L’équation de Navier-Stokes est maintenant considérée comme la base universelle de la mécanique des fluides, quelle que soit la complexité et l’imprévisibilité du comportement de ses solutions. Elle est également connue pour être la seule équation hydrodynamique compatible avec l’isotropie et la linéarité de la relation contrainte-déformation. Pourtant, la vie au début de cette équation fut aussi fugace que la mousse sur une crête de vague. La preuve originale de Navier de 1822 n’a pas eu d’influence et l’équation a été redécouverte ou redessinée au moins quatre fois par Cauchy en 1823, par Poisson en 1829, par Saint-Venant en 1837 et par Stokes en 1845. Chaque nouvel investigateur ignora ou dénigra la contribution de ses prédécesseurs. Chacun avait sa propre façon de justifier l’équation. Chacun a jugé différemment le type de mouvement et la nature du système auquel il s’appliquait.
Tous ces enquêteurs ont souhaité combler le vide qu’ils percevaient entre la mécanique des fluides rationnelle héritée de d’Alembert, Euler et Lagrange, et le comportement réel des fluides dans les processus hydrauliques ou aérodynamiques. Un écart similaire existait dans le cas de l’élasticité. Les formules établies par les mathématiciens pour la flexion des prismes ont été peu utiles pour évaluer les limites de la rupture dans les constructions physiques. Les motoristes français formés à Polytechnique, tels que Navier, Cauchy et Saint-Venant, étaient les mieux équipés et les plus motivés pour combler ces lacunes. Comme étape préliminaire vers une théorie plus réaliste de l’élasticité, Navier annonça en 1821 les équations générales d’équilibre et de mouvement pour un corps élastique (isotrope, à une constante). Il obtint rapidement l’équation de Navier-Stokes en transposant son raisonnement à des fluides. D’autres découvreurs de l’équation partirent aussi de l’élasticité, à l’exception de Stokes qui inversa l’analogie.
En raison de cette interdépendance contextuelle et structurelle entre les solides élastiques et les fluides visqueux, le présent article porte autant sur la théorie générale de l’élasticité que sur l’équation de Navier-Stokes.

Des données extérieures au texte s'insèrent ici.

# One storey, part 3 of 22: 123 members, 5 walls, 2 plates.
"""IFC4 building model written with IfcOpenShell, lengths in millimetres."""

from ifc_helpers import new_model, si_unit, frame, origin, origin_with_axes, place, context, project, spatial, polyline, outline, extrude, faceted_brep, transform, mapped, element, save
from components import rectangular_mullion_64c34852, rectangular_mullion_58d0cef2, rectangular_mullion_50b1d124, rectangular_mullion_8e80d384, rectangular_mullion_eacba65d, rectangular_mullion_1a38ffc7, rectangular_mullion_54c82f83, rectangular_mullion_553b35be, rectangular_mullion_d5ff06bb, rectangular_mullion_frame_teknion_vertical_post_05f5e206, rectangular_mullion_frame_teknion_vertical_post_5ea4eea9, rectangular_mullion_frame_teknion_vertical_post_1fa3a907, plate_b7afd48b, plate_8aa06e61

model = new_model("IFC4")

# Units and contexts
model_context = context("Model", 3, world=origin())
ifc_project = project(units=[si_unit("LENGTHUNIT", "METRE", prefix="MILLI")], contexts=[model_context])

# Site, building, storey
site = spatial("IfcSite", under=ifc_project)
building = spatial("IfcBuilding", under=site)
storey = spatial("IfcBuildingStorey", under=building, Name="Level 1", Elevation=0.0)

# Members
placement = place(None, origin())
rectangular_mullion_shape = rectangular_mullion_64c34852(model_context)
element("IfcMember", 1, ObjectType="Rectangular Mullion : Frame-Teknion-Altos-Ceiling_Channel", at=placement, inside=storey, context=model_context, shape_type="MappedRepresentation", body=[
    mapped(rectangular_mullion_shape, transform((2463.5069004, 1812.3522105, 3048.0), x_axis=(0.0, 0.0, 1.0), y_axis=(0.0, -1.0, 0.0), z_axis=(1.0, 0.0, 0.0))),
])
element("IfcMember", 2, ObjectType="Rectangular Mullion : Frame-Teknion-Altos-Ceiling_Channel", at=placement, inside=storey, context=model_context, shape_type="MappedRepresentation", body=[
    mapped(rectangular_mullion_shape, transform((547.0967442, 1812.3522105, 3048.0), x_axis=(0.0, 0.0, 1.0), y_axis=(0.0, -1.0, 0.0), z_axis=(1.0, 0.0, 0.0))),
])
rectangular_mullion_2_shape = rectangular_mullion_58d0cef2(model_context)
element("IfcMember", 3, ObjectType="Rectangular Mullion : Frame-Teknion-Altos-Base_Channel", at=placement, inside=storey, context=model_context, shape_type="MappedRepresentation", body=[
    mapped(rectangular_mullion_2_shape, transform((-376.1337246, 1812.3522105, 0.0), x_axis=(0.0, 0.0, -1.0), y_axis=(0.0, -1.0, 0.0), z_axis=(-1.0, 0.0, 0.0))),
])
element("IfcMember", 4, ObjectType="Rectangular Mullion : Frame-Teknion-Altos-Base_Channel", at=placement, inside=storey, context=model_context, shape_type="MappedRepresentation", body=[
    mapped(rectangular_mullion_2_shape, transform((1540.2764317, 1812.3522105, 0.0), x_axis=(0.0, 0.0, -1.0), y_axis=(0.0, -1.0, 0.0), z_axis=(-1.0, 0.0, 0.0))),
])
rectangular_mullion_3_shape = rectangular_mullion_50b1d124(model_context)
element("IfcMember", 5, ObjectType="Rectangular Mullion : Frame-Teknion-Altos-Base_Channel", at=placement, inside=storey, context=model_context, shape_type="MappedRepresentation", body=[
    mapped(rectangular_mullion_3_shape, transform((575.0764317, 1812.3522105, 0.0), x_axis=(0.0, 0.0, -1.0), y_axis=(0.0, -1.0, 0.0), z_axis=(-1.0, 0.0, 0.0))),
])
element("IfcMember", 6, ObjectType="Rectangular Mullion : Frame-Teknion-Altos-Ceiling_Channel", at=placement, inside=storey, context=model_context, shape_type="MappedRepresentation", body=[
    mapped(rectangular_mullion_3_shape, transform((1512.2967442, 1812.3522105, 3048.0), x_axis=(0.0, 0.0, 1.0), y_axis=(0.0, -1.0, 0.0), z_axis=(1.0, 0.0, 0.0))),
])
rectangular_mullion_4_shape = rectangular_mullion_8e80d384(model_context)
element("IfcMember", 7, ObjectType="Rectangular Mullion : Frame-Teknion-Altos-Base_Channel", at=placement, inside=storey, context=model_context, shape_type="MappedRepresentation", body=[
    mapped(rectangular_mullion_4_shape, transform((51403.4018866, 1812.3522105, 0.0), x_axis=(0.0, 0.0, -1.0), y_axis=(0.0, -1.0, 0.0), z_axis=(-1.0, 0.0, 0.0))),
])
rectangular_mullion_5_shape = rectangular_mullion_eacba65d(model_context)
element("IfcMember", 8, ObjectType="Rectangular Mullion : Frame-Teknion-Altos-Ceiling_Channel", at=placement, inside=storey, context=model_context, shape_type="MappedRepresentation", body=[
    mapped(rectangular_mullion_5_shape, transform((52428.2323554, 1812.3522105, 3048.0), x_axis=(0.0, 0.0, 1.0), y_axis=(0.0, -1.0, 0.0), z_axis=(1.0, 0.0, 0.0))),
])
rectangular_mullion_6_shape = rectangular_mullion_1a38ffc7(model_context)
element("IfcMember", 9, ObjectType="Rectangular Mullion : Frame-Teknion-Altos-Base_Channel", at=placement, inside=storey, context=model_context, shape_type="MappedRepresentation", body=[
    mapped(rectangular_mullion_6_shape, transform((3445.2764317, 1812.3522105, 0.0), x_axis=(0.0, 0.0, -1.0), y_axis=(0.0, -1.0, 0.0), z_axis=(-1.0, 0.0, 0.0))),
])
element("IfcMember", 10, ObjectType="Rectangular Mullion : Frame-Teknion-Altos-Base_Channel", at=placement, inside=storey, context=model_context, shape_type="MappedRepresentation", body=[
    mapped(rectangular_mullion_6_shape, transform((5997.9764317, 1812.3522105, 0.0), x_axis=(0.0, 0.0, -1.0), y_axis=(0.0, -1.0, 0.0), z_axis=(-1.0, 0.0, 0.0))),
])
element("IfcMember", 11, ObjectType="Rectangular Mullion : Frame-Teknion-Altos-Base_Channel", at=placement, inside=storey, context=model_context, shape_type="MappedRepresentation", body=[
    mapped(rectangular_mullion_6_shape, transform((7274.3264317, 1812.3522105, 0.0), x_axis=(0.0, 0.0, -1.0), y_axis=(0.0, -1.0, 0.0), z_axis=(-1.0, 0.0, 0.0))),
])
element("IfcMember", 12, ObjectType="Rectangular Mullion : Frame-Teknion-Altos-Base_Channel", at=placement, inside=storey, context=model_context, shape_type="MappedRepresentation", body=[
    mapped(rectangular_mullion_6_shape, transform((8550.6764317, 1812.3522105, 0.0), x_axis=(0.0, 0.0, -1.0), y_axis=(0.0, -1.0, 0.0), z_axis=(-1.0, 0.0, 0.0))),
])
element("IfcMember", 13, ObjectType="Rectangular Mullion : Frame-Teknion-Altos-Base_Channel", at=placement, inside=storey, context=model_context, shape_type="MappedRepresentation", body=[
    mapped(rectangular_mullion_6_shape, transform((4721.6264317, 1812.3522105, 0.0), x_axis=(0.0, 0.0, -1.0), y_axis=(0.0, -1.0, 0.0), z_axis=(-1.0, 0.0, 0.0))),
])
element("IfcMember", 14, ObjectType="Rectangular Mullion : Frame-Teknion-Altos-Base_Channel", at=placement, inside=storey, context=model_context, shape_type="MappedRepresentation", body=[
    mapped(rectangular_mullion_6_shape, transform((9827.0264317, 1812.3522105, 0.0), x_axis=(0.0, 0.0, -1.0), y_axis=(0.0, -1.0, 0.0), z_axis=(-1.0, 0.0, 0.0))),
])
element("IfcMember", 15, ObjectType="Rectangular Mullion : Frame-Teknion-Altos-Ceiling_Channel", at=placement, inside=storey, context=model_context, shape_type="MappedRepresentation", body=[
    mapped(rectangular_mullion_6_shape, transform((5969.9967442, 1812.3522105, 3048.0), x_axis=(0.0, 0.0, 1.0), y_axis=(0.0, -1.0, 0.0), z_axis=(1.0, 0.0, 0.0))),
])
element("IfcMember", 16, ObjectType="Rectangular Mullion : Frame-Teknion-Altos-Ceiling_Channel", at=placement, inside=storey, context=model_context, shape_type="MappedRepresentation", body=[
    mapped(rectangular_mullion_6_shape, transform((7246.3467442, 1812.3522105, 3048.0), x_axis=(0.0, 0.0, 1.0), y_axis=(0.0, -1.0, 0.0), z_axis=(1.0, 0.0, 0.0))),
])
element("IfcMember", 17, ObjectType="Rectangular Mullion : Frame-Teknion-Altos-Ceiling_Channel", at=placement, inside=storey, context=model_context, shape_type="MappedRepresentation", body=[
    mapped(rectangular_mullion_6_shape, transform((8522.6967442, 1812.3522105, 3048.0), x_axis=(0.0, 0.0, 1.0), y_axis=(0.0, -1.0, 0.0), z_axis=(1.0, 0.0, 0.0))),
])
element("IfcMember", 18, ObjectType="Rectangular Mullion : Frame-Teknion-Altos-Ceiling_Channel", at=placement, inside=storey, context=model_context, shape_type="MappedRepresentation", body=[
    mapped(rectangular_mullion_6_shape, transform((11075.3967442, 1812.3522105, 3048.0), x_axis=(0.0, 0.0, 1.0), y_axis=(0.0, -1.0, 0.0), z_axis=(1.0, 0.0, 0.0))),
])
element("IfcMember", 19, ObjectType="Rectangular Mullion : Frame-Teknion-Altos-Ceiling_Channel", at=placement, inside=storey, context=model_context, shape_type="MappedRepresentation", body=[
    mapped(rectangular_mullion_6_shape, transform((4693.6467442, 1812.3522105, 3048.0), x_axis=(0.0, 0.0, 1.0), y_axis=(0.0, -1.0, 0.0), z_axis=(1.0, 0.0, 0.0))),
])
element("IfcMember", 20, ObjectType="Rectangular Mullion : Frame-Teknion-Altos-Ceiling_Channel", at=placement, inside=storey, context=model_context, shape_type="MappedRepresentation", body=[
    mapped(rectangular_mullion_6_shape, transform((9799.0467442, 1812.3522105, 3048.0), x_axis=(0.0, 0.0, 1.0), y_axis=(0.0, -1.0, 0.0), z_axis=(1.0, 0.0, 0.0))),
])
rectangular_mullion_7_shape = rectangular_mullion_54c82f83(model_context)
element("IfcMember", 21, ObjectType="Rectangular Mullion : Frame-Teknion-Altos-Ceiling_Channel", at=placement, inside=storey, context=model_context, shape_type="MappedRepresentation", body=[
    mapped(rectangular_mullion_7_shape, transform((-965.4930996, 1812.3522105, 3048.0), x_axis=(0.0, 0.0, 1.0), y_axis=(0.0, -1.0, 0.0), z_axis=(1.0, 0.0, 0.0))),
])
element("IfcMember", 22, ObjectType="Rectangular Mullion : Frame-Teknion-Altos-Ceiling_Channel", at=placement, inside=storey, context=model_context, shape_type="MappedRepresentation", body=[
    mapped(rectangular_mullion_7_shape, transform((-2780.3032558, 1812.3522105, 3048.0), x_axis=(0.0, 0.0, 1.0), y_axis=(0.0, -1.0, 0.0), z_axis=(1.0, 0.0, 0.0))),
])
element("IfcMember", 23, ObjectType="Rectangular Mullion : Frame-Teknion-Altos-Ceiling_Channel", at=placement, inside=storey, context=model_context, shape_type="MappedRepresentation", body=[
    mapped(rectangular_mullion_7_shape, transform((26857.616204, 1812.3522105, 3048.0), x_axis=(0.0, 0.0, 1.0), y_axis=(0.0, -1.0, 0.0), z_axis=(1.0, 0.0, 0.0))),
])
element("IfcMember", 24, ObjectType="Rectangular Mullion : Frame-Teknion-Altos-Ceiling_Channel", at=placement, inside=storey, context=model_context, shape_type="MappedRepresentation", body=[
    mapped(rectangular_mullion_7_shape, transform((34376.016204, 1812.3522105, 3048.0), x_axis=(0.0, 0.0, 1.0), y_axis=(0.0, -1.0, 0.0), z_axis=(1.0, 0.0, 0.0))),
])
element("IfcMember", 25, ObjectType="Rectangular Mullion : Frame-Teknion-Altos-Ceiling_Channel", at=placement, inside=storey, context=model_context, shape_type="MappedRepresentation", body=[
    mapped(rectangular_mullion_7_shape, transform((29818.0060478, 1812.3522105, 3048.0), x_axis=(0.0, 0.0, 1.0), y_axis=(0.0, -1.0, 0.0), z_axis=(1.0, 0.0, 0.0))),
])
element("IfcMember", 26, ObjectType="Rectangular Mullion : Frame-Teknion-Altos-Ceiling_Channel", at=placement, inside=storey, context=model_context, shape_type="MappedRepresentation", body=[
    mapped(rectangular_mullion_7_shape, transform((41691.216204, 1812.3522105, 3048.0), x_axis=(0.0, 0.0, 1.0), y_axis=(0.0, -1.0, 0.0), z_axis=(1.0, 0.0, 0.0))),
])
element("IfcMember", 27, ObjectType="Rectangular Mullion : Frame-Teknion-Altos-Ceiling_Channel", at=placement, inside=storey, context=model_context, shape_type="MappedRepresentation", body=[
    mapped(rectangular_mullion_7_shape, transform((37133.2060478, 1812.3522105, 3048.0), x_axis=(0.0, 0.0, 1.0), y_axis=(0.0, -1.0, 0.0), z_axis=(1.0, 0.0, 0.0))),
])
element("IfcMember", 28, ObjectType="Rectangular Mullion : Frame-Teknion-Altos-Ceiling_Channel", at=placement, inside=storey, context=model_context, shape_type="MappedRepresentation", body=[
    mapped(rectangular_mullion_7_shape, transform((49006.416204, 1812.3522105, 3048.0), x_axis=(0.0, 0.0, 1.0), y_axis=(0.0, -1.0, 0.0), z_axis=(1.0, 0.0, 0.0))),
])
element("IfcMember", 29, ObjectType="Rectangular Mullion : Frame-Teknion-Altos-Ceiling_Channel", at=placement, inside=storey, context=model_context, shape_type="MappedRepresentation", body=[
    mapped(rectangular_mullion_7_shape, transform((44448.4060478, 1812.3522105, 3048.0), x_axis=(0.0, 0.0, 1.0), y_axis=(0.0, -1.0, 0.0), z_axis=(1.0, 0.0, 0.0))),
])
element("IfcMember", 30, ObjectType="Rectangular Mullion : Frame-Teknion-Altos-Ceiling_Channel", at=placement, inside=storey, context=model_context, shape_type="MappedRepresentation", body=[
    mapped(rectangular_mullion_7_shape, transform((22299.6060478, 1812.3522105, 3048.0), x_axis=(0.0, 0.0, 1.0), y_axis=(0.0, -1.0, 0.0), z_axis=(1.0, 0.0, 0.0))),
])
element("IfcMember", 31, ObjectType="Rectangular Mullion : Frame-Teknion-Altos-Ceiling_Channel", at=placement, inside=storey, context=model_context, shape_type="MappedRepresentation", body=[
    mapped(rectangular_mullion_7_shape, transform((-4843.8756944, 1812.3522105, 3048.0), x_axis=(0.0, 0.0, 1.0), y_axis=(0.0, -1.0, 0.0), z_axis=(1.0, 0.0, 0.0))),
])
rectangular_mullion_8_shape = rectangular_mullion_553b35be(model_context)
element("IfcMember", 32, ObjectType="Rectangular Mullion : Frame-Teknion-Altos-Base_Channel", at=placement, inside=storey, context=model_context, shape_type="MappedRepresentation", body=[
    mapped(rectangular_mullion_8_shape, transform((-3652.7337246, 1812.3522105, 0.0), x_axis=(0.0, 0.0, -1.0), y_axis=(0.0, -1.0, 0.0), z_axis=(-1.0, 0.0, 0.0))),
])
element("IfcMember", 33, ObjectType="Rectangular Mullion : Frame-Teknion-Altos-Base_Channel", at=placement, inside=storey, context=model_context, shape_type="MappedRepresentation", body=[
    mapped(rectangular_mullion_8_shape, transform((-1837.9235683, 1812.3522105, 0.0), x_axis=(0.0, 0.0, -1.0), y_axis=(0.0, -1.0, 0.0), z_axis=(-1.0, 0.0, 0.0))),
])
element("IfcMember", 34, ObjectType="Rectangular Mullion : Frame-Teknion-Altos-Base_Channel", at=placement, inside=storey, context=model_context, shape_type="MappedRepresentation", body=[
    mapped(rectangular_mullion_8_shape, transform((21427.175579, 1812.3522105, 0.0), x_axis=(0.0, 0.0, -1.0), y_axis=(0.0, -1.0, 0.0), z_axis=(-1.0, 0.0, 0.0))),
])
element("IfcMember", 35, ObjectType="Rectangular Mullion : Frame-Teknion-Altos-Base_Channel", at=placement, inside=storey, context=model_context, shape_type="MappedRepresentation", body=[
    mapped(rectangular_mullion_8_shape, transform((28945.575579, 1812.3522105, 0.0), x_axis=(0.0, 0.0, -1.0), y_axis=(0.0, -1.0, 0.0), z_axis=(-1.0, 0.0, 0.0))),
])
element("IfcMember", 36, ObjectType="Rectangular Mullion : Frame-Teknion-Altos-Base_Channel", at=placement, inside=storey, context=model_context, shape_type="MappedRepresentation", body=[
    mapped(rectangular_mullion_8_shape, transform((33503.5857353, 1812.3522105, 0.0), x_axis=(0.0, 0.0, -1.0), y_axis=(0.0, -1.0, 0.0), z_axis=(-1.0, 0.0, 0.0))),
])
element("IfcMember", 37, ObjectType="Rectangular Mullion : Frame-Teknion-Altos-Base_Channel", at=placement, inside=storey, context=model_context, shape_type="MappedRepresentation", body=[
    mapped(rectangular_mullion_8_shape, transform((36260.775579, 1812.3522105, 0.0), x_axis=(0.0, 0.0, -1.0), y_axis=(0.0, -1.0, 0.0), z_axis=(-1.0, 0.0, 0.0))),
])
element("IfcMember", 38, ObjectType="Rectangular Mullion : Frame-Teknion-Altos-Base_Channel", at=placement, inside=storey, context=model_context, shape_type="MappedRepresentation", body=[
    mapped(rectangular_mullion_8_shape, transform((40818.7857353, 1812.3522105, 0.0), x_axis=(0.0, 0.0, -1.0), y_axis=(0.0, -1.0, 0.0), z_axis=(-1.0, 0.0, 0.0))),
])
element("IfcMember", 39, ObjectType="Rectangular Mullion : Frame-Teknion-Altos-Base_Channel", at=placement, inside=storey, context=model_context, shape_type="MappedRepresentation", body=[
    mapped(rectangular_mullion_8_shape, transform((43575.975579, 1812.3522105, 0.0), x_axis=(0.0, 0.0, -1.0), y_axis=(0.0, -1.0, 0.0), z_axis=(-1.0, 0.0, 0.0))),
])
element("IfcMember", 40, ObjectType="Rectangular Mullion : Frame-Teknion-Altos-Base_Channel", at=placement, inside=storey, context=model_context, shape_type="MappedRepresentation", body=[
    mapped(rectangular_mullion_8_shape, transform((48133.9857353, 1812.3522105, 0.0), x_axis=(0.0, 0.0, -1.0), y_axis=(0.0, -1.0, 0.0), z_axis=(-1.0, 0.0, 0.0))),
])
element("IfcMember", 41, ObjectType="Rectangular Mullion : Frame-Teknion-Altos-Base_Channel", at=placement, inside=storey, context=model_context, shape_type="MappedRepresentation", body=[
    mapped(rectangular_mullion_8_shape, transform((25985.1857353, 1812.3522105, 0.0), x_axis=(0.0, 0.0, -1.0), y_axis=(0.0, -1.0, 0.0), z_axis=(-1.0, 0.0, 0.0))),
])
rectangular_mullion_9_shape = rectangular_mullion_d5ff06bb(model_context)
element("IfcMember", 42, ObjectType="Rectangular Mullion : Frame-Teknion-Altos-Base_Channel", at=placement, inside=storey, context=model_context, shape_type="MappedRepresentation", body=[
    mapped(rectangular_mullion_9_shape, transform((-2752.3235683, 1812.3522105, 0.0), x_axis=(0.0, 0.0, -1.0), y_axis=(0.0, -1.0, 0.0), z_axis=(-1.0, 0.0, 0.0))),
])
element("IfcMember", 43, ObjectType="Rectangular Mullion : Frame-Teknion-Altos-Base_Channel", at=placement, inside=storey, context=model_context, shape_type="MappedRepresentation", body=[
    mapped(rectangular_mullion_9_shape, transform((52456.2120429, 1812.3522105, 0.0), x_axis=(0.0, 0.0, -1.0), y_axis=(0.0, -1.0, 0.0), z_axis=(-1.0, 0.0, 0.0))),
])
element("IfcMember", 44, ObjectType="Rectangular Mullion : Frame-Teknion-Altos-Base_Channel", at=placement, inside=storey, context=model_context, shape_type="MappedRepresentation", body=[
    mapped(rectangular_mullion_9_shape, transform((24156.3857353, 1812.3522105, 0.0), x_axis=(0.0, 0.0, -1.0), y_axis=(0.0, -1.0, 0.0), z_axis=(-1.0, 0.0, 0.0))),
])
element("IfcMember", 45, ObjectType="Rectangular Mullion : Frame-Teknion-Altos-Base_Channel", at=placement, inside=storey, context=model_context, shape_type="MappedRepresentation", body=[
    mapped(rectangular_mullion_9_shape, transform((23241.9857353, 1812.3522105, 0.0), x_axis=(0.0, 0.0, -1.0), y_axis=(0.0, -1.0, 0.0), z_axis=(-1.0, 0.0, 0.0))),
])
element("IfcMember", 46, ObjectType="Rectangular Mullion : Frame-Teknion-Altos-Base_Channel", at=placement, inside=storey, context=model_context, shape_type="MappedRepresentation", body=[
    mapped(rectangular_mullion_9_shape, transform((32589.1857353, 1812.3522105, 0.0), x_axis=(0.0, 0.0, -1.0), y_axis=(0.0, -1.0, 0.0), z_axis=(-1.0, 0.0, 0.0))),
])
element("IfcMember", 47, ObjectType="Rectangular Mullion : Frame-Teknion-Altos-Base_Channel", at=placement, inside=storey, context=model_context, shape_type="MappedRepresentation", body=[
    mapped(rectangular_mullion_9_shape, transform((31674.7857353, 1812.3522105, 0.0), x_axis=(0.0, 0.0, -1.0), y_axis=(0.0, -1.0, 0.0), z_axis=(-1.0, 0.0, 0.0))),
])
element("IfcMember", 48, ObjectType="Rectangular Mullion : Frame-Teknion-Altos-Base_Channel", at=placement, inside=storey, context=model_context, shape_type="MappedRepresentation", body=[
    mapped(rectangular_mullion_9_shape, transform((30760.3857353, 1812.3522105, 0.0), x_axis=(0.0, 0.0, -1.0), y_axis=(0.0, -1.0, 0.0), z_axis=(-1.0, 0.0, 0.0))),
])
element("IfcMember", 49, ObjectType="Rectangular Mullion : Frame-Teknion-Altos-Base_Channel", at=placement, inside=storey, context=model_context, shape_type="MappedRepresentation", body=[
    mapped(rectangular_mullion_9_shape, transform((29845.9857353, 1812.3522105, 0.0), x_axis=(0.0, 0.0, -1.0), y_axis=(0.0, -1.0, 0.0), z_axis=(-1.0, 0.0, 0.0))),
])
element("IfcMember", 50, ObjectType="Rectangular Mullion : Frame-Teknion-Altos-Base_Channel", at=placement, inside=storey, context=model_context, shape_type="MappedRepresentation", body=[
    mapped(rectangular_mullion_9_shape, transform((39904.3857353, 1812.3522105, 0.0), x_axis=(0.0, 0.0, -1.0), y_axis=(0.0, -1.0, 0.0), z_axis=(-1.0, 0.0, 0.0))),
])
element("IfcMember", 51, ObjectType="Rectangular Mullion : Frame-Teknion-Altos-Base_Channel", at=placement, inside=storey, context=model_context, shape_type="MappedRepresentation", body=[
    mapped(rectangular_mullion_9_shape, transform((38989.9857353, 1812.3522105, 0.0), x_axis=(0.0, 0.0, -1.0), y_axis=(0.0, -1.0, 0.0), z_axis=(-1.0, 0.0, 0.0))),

La comparaison entre les différentes preuves de cette équation – ou entre les preuves correspondantes de l’équation du mouvement d’un corps élastique – apporte des caractéristiques importantes de la physique mathématique dans la période 1820-1850. Le recours au raisonnement moléculaire était un problème méthodologique et ontologique fondamental. Les historiens ont souvent perçu une opposition entre la physique moléculaire Laplacienne d’une part et la physique macroscopique du continuum d’autre part, avec Poisson, champion de la physique antérieure, Fourier de la seconde. Cependant, des études plus approfondies de la théorie de la chaleur de Fourier ont montré que l’opposition concerne davantage la lecture britannique de cet ouvrage que son contenu réel. L’étude actuelle des contributions contemporaines à la dynamique des fluides et des corps élastiques apporte de nouvelles preuves de l’hybridation de la physique moléculaire et du continuum.
Tous les chercheurs dans ces domaines, qu’il s’agisse d’ingénieurs ou de mathématiciens, ont convenu que les propriétés des corps concrets réels nécessitaient l’existence de molécules non contiguës.
Il y avait même des preuves, de Cauchy, de Poisson et de Saint-Venant, qui affirmait rigoureusement que l’existence d’un solide continu était impossible. Beaucoup à l’époque croyaient que cette physique reposait sur une base ferme et non hypothétique. Les cinq auteurs de l’équation de Navier-Stokes partageaient une ontologie moléculaire, mais ils différaient considérablement quant à la mesure dans laquelle leurs dérivations impliquaient matériellement des hypothèses moléculaires.